__ACTIVITY__: Starting with the opening line of the entries below, transcribe each line exactly up to and including the one that has "in millimetres: furniture"; pictures are not copied.

(Dataset records)

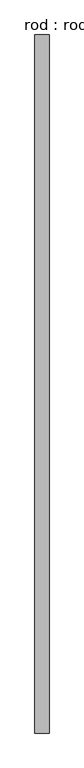
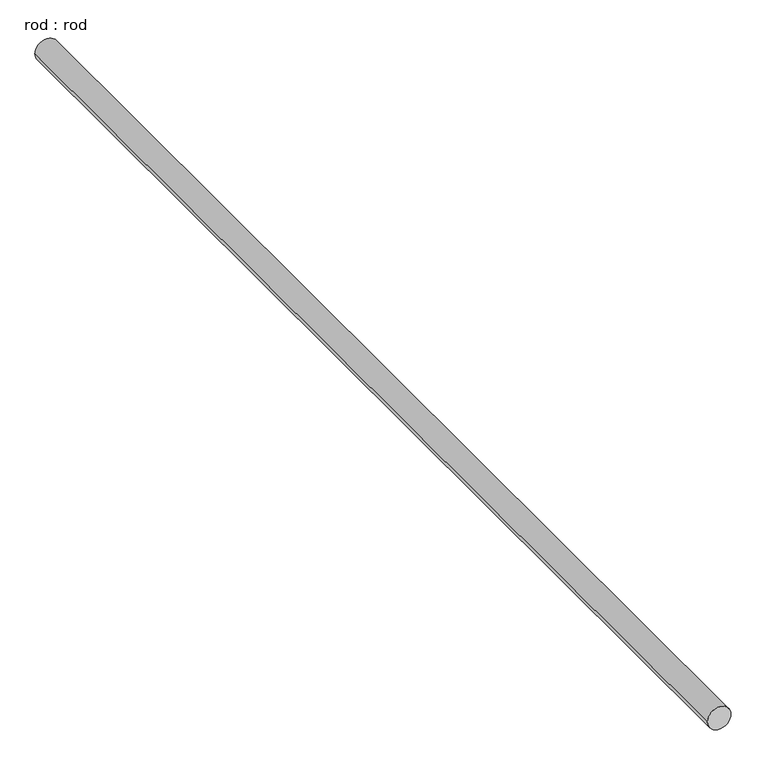
"""IFC4 building model written with IfcOpenShell, lengths in millimetres: proxy geometry, rod : rod."""

from ifc_helpers import new_model, si_unit, point, frame, frame_2d, origin, place, context, project, spatial, circle_curve, trimmed, segment, composite_curve, outline, extrude, source, transform, mapped, element, save


def rod_rod_75b11795(model_context):
    return source(origin(), model_context, "Body", "SweptSolid", [
        extrude(outline(composite_curve([segment(trimmed(circle_curve(frame_2d((0.0108462, 0.0)), 200.0), [point((0.0108462, 200.0))], [point((0.0108462, -200.0))], False, "CARTESIAN"), True, "CONTINUOUS"), segment(trimmed(circle_curve(frame_2d((0.0108462, 0.0)), 200.0), [point((0.0108462, -200.0))], [point((0.0108462, 200.0))], False, "CARTESIAN"), True, "CONTINUOUS")], self_intersect=False)), frame((0.0, -5778.2721726, 0.0), z_axis=(0.0, 1.0, 0.0), x_axis=(0.0, 0.0, 1.0)), (0.0, 0.0, 1.0), 19742.0015759),
    ])


if __name__ == "__main__":
    model = new_model("IFC4")
    model_context = context("Model", 3, world=origin())
    ifc_project = project(units=[si_unit("LENGTHUNIT", "METRE", prefix="MILLI")], contexts=[model_context])
    site = spatial("IfcSite", under=ifc_project)
    building = spatial("IfcBuilding", under=site)
    placement = place(None, origin())
    rod_rod_shape = rod_rod_75b11795(model_context)
    element("IfcBuildingElementProxy", 1, Name="rod : rod", ObjectType="rod : rod", at=placement, inside=building, context=model_context, shape_type="MappedRepresentation", body=[
        mapped(rod_rod_shape, transform((0.0, 0.0, 0.0), x_axis=(1.0, 0.0, 0.0), y_axis=(0.0, 1.0, 0.0), z_axis=(0.0, 0.0, 1.0))),
    ])
    save(model, "model.ifc")

# Revit data of these elements
# Type "rod : rod"
#   Default Elevation = 0
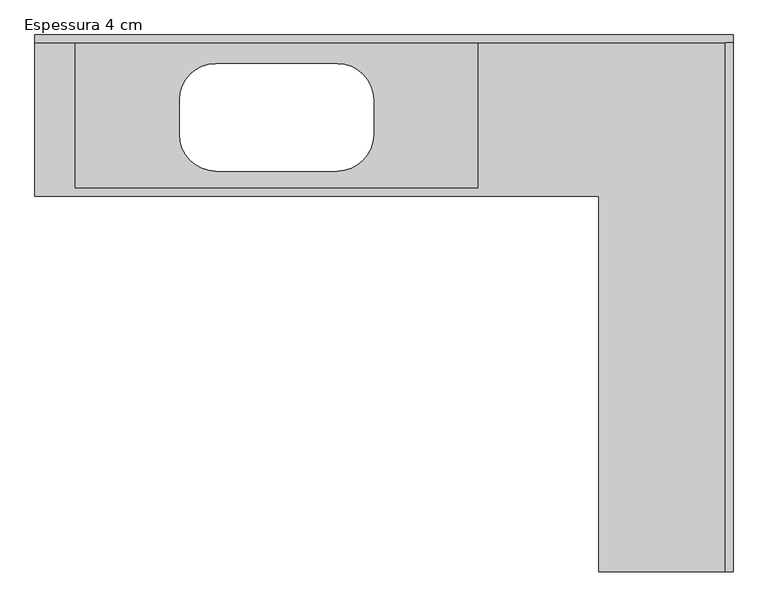
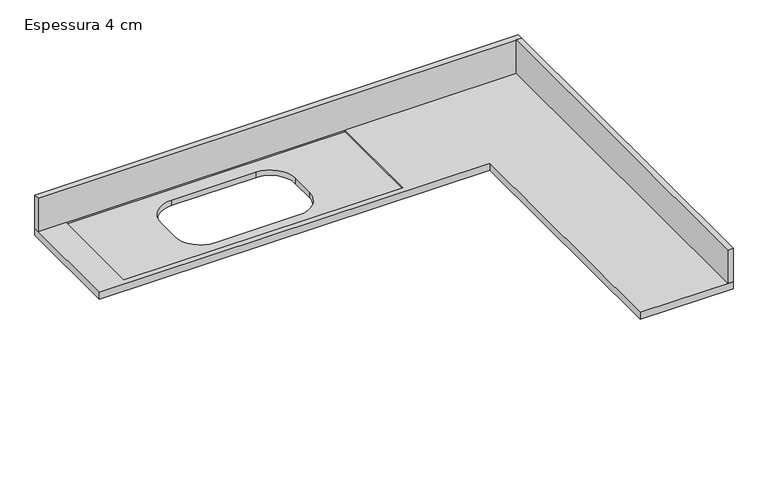
"""IFC4 building model written with IfcOpenShell, lengths in millimetres: furniture geometry, .BANCADA EM L_COZINHA_CUBA DUPLA : Espessura 4 cm."""

from ifc_helpers import new_model, si_unit, frame, origin, place, context, project, spatial, polyline, circle_curve, outline, extrude, source, transform, mapped, element, save
from ifc_brep_helpers import plane_surface, revolved_surface, advanced_brep


def espessura_4_cm_24cf57e0(model_context):
    return source(origin(), model_context, "Body", "SolidModel", [
        extrude(outline(polyline([(-30.0, -30.0), (0.0, -30.0), (0.0, -2000.0), (-30.0, -2000.0), (-30.0, -30.0)])), frame((0.0, 0.0, 900.0), z_axis=(0.0, 0.0, 1.0), x_axis=(1.0, 0.0, 0.0)), (0.0, 0.0, 1.0), 190.0),
        extrude(outline(polyline([(-2600.0, -30.0), (-2600.0, 0.0), (0.0, 0.0), (0.0, -30.0), (-2600.0, -30.0)])), frame((0.0, 0.0, 900.0), z_axis=(0.0, 0.0, 1.0), x_axis=(1.0, 0.0, 0.0)), (0.0, 0.0, 1.0), 190.0),
        advanced_brep(
        [(-500.0, -600.0, 860.0), (-2600.0, -600.0, 860.0), (-2600.0, 0.0, 860.0), (0.0, 0.0, 860.0), (0.0, -2000.0, 860.0), (-500.0, -2000.0, 860.0), (-1926.0, -107.0, 860.0), (-2061.0, -242.0, 860.0), (-2061.0, -372.0, 860.0), (-1926.0, -507.0, 860.0), (-1474.0, -507.0, 860.0), (-1339.0, -372.0, 860.0), (-1339.0, -242.0, 860.0), (-1474.0, -107.0, 860.0), (-500.0, -600.0, 900.0), (-500.0, -2000.0, 900.0), (0.0, -2000.0, 900.0), (0.0, 0.0, 900.0), (-2600.0, 0.0, 900.0), (-2600.0, -600.0, 900.0), (-950.0, -30.0, 900.0), (-950.0, -570.0, 900.0), (-2450.0, -570.0, 900.0), (-2450.0, -30.0, 900.0), (-1474.0, -107.0, 890.0), (-1926.0, -107.0, 890.0), (-1339.0, -242.0, 890.0), (-1339.0, -372.0, 890.0), (-1474.0, -507.0, 890.0), (-1926.0, -507.0, 890.0), (-2061.0, -372.0, 890.0), (-2061.0, -242.0, 890.0), (-950.0, -570.0, 890.0), (-950.0, -30.0, 890.0), (-2450.0, -30.0, 890.0), (-2450.0, -570.0, 890.0)],
        [
            (0, 1),
            (1, 2),
            (2, 3),
            (3, 4),
            (4, 5),
            (5, 0),
            (6, 7, circle_curve(frame((-1926.0, -242.0, 860.0), z_axis=(0.0, 0.0, 1.0), x_axis=(-1.0, 0.0, 0.0)), 135.0)),
            (7, 8),
            (8, 9, circle_curve(frame((-1926.0, -372.0, 860.0), z_axis=(0.0, 0.0, 1.0), x_axis=(-1.0, 0.0, 0.0)), 135.0)),
            (9, 10),
            (10, 11, circle_curve(frame((-1474.0, -372.0, 860.0), z_axis=(0.0, 0.0, 1.0), x_axis=(-1.0, 0.0, 0.0)), 135.0)),
            (11, 12),
            (12, 13, circle_curve(frame((-1474.0, -242.0, 860.0), z_axis=(0.0, 0.0, 1.0), x_axis=(-1.0, 0.0, 0.0)), 135.0)),
            (13, 6),
            (14, 15),
            (15, 16),
            (16, 17),
            (17, 18),
            (18, 19),
            (19, 14),
            (20, 21),
            (21, 22),
            (22, 23),
            (23, 20),
            (5, 15),
            (14, 0),
            (4, 16),
            (3, 17),
            (2, 18),
            (1, 19),
            (13, 24),
            (24, 25),
            (25, 6),
            (12, 26),
            (26, 24, circle_curve(frame((-1474.0, -242.0, 890.0), z_axis=(0.0, 0.0, 1.0), x_axis=(-1.0, 0.0, 0.0)), 135.0)),
            (11, 27),
            (27, 26),
            (10, 28),
            (28, 27, circle_curve(frame((-1474.0, -372.0, 890.0), z_axis=(0.0, 0.0, 1.0), x_axis=(-1.0, 0.0, 0.0)), 135.0)),
            (9, 29),
            (29, 28),
            (8, 30),
            (30, 29, circle_curve(frame((-1926.0, -372.0, 890.0), z_axis=(0.0, 0.0, 1.0), x_axis=(-1.0, 0.0, 0.0)), 135.0)),
            (7, 31),
            (31, 30),
            (25, 31, circle_curve(frame((-1926.0, -242.0, 890.0), z_axis=(0.0, 0.0, 1.0), x_axis=(-1.0, 0.0, 0.0)), 135.0)),
            (32, 33),
            (33, 34),
            (34, 35),
            (35, 32),
            (32, 21),
            (20, 33),
            (23, 34),
            (22, 35),
        ],
        [
            plane_surface(frame((-500.0, -600.0, 860.0), z_axis=(0.0, 0.0, -1.0), x_axis=(0.0, 1.0, 0.0))),
            plane_surface(frame((-500.0, -600.0, 900.0), z_axis=(0.0, 0.0, 1.0), x_axis=(0.0, -1.0, 0.0))),
            plane_surface(frame((-500.0, -600.0, 900.0), z_axis=(-1.0, 0.0, 0.0), x_axis=(0.0, 0.0, -1.0))),
            plane_surface(frame((-500.0, -2000.0, 900.0), z_axis=(0.0, -1.0, 0.0), x_axis=(0.0, 0.0, -1.0))),
            plane_surface(frame((0.0, -2000.0, 900.0), z_axis=(1.0, 0.0, 0.0), x_axis=(0.0, 0.0, -1.0))),
            plane_surface(frame((0.0, 0.0, 900.0), z_axis=(0.0, 1.0, 0.0), x_axis=(0.0, 0.0, -1.0))),
            plane_surface(frame((-2600.0, 0.0, 900.0), z_axis=(-1.0, 0.0, 0.0), x_axis=(0.0, 0.0, -1.0))),
            plane_surface(frame((-2600.0, -600.0, 900.0), z_axis=(0.0, -1.0, 0.0), x_axis=(0.0, 0.0, -1.0))),
            plane_surface(frame((-1926.0, -107.0, 900.0), z_axis=(0.0, -1.0, 0.0), x_axis=(0.0, 0.0, -1.0))),
            revolved_surface(polyline([(-1609.0, -242.0, 860.0), (-1609.0, -242.0, 890.0)]), (-1474.0, -242.0, 890.0), (0.0, 0.0, -1.0)),
            plane_surface(frame((-1339.0, -242.0, 900.0), z_axis=(-1.0, 0.0, 0.0), x_axis=(0.0, 0.0, -1.0))),
            revolved_surface(polyline([(-1609.0, -372.0, 860.0), (-1609.0, -372.0, 890.0)]), (-1474.0, -372.0, 890.0), (0.0, 0.0, -1.0)),
            plane_surface(frame((-1474.0, -507.0, 900.0), z_axis=(0.0, 1.0, 0.0), x_axis=(0.0, 0.0, -1.0))),
            revolved_surface(polyline([(-2061.0, -372.0, 860.0), (-2061.0, -372.0, 890.0)]), (-1926.0, -372.0, 890.0), (0.0, 0.0, -1.0)),
            plane_surface(frame((-2061.0, -372.0, 900.0), z_axis=(1.0, 0.0, 0.0), x_axis=(0.0, 0.0, -1.0))),
            revolved_surface(polyline([(-2061.0, -242.0, 860.0), (-2061.0, -242.0, 890.0)]), (-1926.0, -242.0, 890.0), (0.0, 0.0, -1.0)),
            plane_surface(frame((-950.0, -30.0, 890.0), z_axis=(0.0, 0.0, 1.0), x_axis=(0.0, -1.0, 0.0))),
            plane_surface(frame((-950.0, -570.0, 940.0), z_axis=(-1.0, 0.0, 0.0), x_axis=(0.0, 0.0, -1.0))),
            plane_surface(frame((-950.0, -30.0, 940.0), z_axis=(0.0, -1.0, 0.0), x_axis=(0.0, 0.0, -1.0))),
            plane_surface(frame((-2450.0, -30.0, 940.0), z_axis=(1.0, 0.0, 0.0), x_axis=(0.0, 0.0, -1.0))),
            plane_surface(frame((-2450.0, -570.0, 940.0), z_axis=(0.0, 1.0, 0.0), x_axis=(0.0, 0.0, -1.0))),
        ],
        [
            (0, [[1, 2, 3, 4, 5, 6], [7, 8, 9, 10, 11, 12, 13, 14]]),
            (1, [[15, 16, 17, 18, 19, 20], [21, 22, 23, 24]]),
            (2, [[-6, 25, -15, 26]]),
            (3, [[-5, 27, -16, -25]]),
            (4, [[-4, 28, -17, -27]]),
            (5, [[-3, 29, -18, -28]]),
            (6, [[-2, 30, -19, -29]]),
            (7, [[-1, -26, -20, -30]]),
            (8, [[-14, 31, 32, 33]]),
            (9, [[-13, 34, 35, -31]]),
            (10, [[-12, 36, 37, -34]]),
            (11, [[-11, 38, 39, -36]]),
            (12, [[-10, 40, 41, -38]]),
            (13, [[-9, 42, 43, -40]]),
            (14, [[-8, 44, 45, -42]]),
            (15, [[-7, -33, 46, -44]]),
            (16, [[47, 48, 49, 50], [-32, -35, -37, -39, -41, -43, -45, -46]]),
            (17, [[-47, 51, -21, 52]]),
            (18, [[-48, -52, -24, 53]]),
            (19, [[-49, -53, -23, 54]]),
            (20, [[-50, -54, -22, -51]]),
        ],
    ),
    ])


if __name__ == "__main__":
    model = new_model("IFC4")
    model_context = context("Model", 3, world=origin())
    ifc_project = project(units=[si_unit("LENGTHUNIT", "METRE", prefix="MILLI")], contexts=[model_context])
    site = spatial("IfcSite", under=ifc_project)
    building = spatial("IfcBuilding", under=site)
    placement = place(None, origin())
    espessura_4_cm_shape = espessura_4_cm_24cf57e0(model_context)
    element("IfcFurniture", 1, ObjectType=".BANCADA EM L_COZINHA_CUBA DUPLA : Espessura 4 cm", at=placement, inside=building, context=model_context, shape_type="MappedRepresentation", body=[
        mapped(espessura_4_cm_shape, transform((0.0, 0.0, 0.0), x_axis=(1.0, 0.0, 0.0), y_axis=(0.0, 1.0, 0.0), z_axis=(0.0, 0.0, 1.0))),
    ])
    save(model, "model.ifc")

# Revit data of these elements
# Type ".BANCADA EM L_COZINHA_CUBA DUPLA : Espessura 4 cm"
#   Offset esq área molhada [instance default] = 0.80 m
#   Largura área molhada [instance default] = 1.50 m
#   Largura principal [instance default] = 0.60 m
#   Largura da extensão [instance default] = 0.50 m
#   Espessura total da bancada [instance default] = 0.04 m
#   Espessura do frontão [instance default] = 0.03 m
#   Dist. cuba - borda [instance default] = 0.07 m
#   Compr. total principal [instance default] = 3.95 m
#   Compr. principal [instance default] = 3.45 m
#   Compr. total extensão [instance default] = 1.50 m
#   Compr. extensão [instance default] = 0.90 m
#   Altura do rebaixo da área molhada [instance default] = 0.01 m
#   Altura do frontão [instance default] = 0.20 m
#   Altura da bancada [instance default] = 0.90 m
#   Frontão fundos principal [instance default] = yes
#   Frontão fundos extensão [instance default] = yes
#   Frontão esquerdo principal [instance default] = yes
#   Frontão direito extensão [instance default] = yes
#   Material da bancada [instance default] = none
#   Default Elevation = 0
# Element 1 (IfcFurniture, ".BANCADA EM L_COZINHA_CUBA DUPLA : Espessura 4 cm")
#   Offset esq área molhada = 0.15 m
#   Compr. total principal = 2.60 m
#   Compr. principal = 2.10 m
#   Compr. total extensão = 2.00 m
#   Compr. extensão = 1.40 m
#   Frontão esquerdo principal = no
#   Frontão direito extensão = no
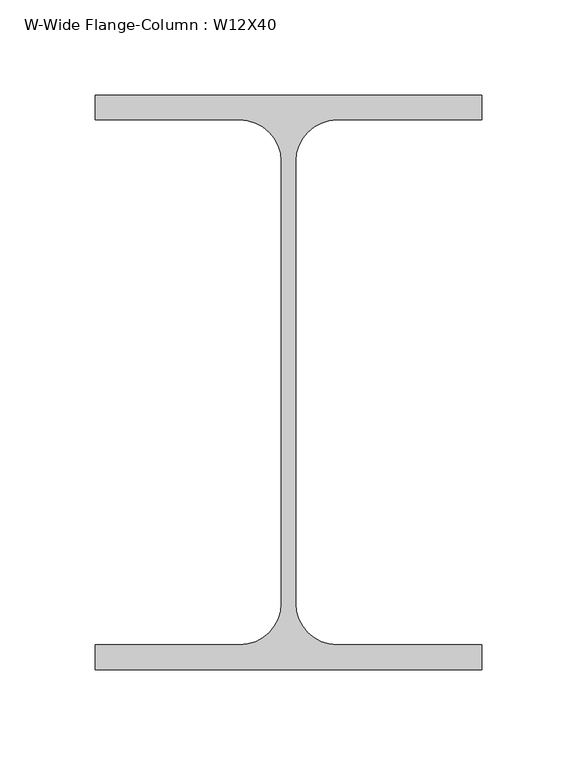
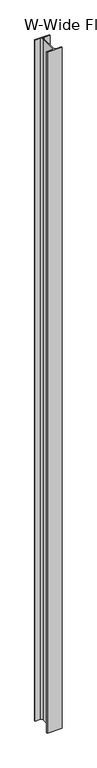
"""IFC4 building model written with IfcOpenShell, lengths in millimetres: column geometry, W-Wide Flange-Column : W12X40."""

from ifc_helpers import new_model, si_unit, point, frame, frame_2d, origin, place, context, project, spatial, polyline, circle_curve, trimmed, segment, composite_curve, outline, extrude, source, transform, mapped, element, save


def w_wide_flange_column_w12x40_d05c6117(model_context):
    return source(origin(), model_context, "Body", "SweptSolid", [
        extrude(outline(composite_curve([segment(polyline([(101.727, 151.13), (101.727, 138.049), (25.5905, 138.049)]), True, "CONTINUOUS"), segment(trimmed(circle_curve(frame_2d((25.5905, 116.205)), 21.844), [point((25.5905, 138.049))], [point((3.7465, 116.205))], True, "CARTESIAN"), True, "CONTINUOUS"), segment(polyline([(3.7465, 116.205), (3.7465, -116.205)]), True, "CONTINUOUS"), segment(trimmed(circle_curve(frame_2d((25.5905, -116.205)), 21.844), [point((3.7465, -116.205))], [point((25.5905, -138.049))], True, "CARTESIAN"), True, "CONTINUOUS"), segment(polyline([(25.5905, -138.049), (101.727, -138.049), (101.727, -151.13), (-101.727, -151.13), (-101.727, -138.049), (-25.5905, -138.049)]), True, "CONTINUOUS"), segment(trimmed(circle_curve(frame_2d((-25.5905, -116.205)), 21.844), [point((-25.5905, -138.049))], [point((-3.7465, -116.205))], True, "CARTESIAN"), True, "CONTINUOUS"), segment(polyline([(-3.7465, -116.205), (-3.7465, 116.205)]), True, "CONTINUOUS"), segment(trimmed(circle_curve(frame_2d((-25.5905, 116.205)), 21.844), [point((-3.7465, 116.205))], [point((-25.5905, 138.049))], True, "CARTESIAN"), True, "CONTINUOUS"), segment(polyline([(-25.5905, 138.049), (-101.727, 138.049), (-101.727, 151.13), (101.727, 151.13)]), True, "CONTINUOUS")], self_intersect=False)), frame((0.0, 0.0, 17627.6), z_axis=(0.0, 0.0, 1.0), x_axis=(1.0, 0.0, 0.0)), (0.0, 0.0, 1.0), 9956.8),
    ])


if __name__ == "__main__":
    model = new_model("IFC4")
    model_context = context("Model", 3, world=origin())
    ifc_project = project(units=[si_unit("LENGTHUNIT", "METRE", prefix="MILLI")], contexts=[model_context])
    site = spatial("IfcSite", under=ifc_project)
    building = spatial("IfcBuilding", under=site)
    placement = place(None, origin())
    w_wide_flange_column_w12x40_shape = w_wide_flange_column_w12x40_d05c6117(model_context)
    element("IfcColumn", 1, ObjectType="W-Wide Flange-Column : W12X40", at=placement, inside=building, context=model_context, shape_type="MappedRepresentation", body=[
        mapped(w_wide_flange_column_w12x40_shape, transform((0.0, 0.0, 0.0), x_axis=(1.0, 0.0, 0.0), y_axis=(0.0, 1.0, 0.0), z_axis=(0.0, 0.0, 1.0))),
    ])
    save(model, "model.ifc")

# Revit data of these elements
# Type "W-Wide Flange-Column : W12X40"
#   Assembly Code = "B10"
#   W = 40
#   bf = 0' - 8.01"
#   d = 0' - 11.9"
#   k = 0' - 1 3/8"
#   kr = 0' - 0.86"
#   tf = 0' - 0.515"
#   tw = 0' - 0.295"
#   A = 0.08125 SF
#   Structural Material [instance default] = Steel ASTM A992
# Element 1 (IfcColumn, "W-Wide Flange-Column : W12X40")
#   Materials on its faces: "Steel ASTM A992"
# Materials
#   "Steel ASTM A992": class "Metal", colour RGB 199 199 199, transparency 0, Description = "Structural steel 50ksi", Cost = 0

__RESULT__:
"""IFC4 building model written with IfcOpenShell, lengths in millimetres: proxy geometry, rod : rod."""

from ifc_helpers import new_model, si_unit, point, frame, frame_2d, origin, place, context, project, spatial, circle_curve, trimmed, segment, composite_curve, outline, extrude, source, transform, mapped, element, save


def rod_rod_75b11795(model_context):
    return source(origin(), model_context, "Body", "SweptSolid", [
        extrude(outline(composite_curve([segment(trimmed(circle_curve(frame_2d((0.0108462, 0.0)), 200.0), [point((0.0108462, 200.0))], [point((0.0108462, -200.0))], False, "CARTESIAN"), True, "CONTINUOUS"), segment(trimmed(circle_curve(frame_2d((0.0108462, 0.0)), 200.0), [point((0.0108462, -200.0))], [point((0.0108462, 200.0))], False, "CARTESIAN"), True, "CONTINUOUS")], self_intersect=False)), frame((0.0, -5778.2721726, 0.0), z_axis=(0.0, 1.0, 0.0), x_axis=(0.0, 0.0, 1.0)), (0.0, 0.0, 1.0), 19742.0015759),
    ])


if __name__ == "__main__":
    model = new_model("IFC4")
    model_context = context("Model", 3, world=origin())
    ifc_project = project(units=[si_unit("LENGTHUNIT", "METRE", prefix="MILLI")], contexts=[model_context])
    site = spatial("IfcSite", under=ifc_project)
    building = spatial("IfcBuilding", under=site)
    placement = place(None, origin())
    rod_rod_shape = rod_rod_75b11795(model_context)
    element("IfcBuildingElementProxy", 1, Name="rod : rod", ObjectType="rod : rod", at=placement, inside=building, context=model_context, shape_type="MappedRepresentation", body=[
        mapped(rod_rod_shape, transform((0.0, 0.0, 0.0), x_axis=(1.0, 0.0, 0.0), y_axis=(0.0, 1.0, 0.0), z_axis=(0.0, 0.0, 1.0))),
    ])
    save(model, "model.ifc")

# Revit data of these elements
# Type "rod : rod"
#   Default Elevation = 0
"""IFC4 building model written with IfcOpenShell, lengths in millimetres: furniture geometry, .BANCADA EM L_COZINHA_CUBA DUPLA : Espessura 4 cm."""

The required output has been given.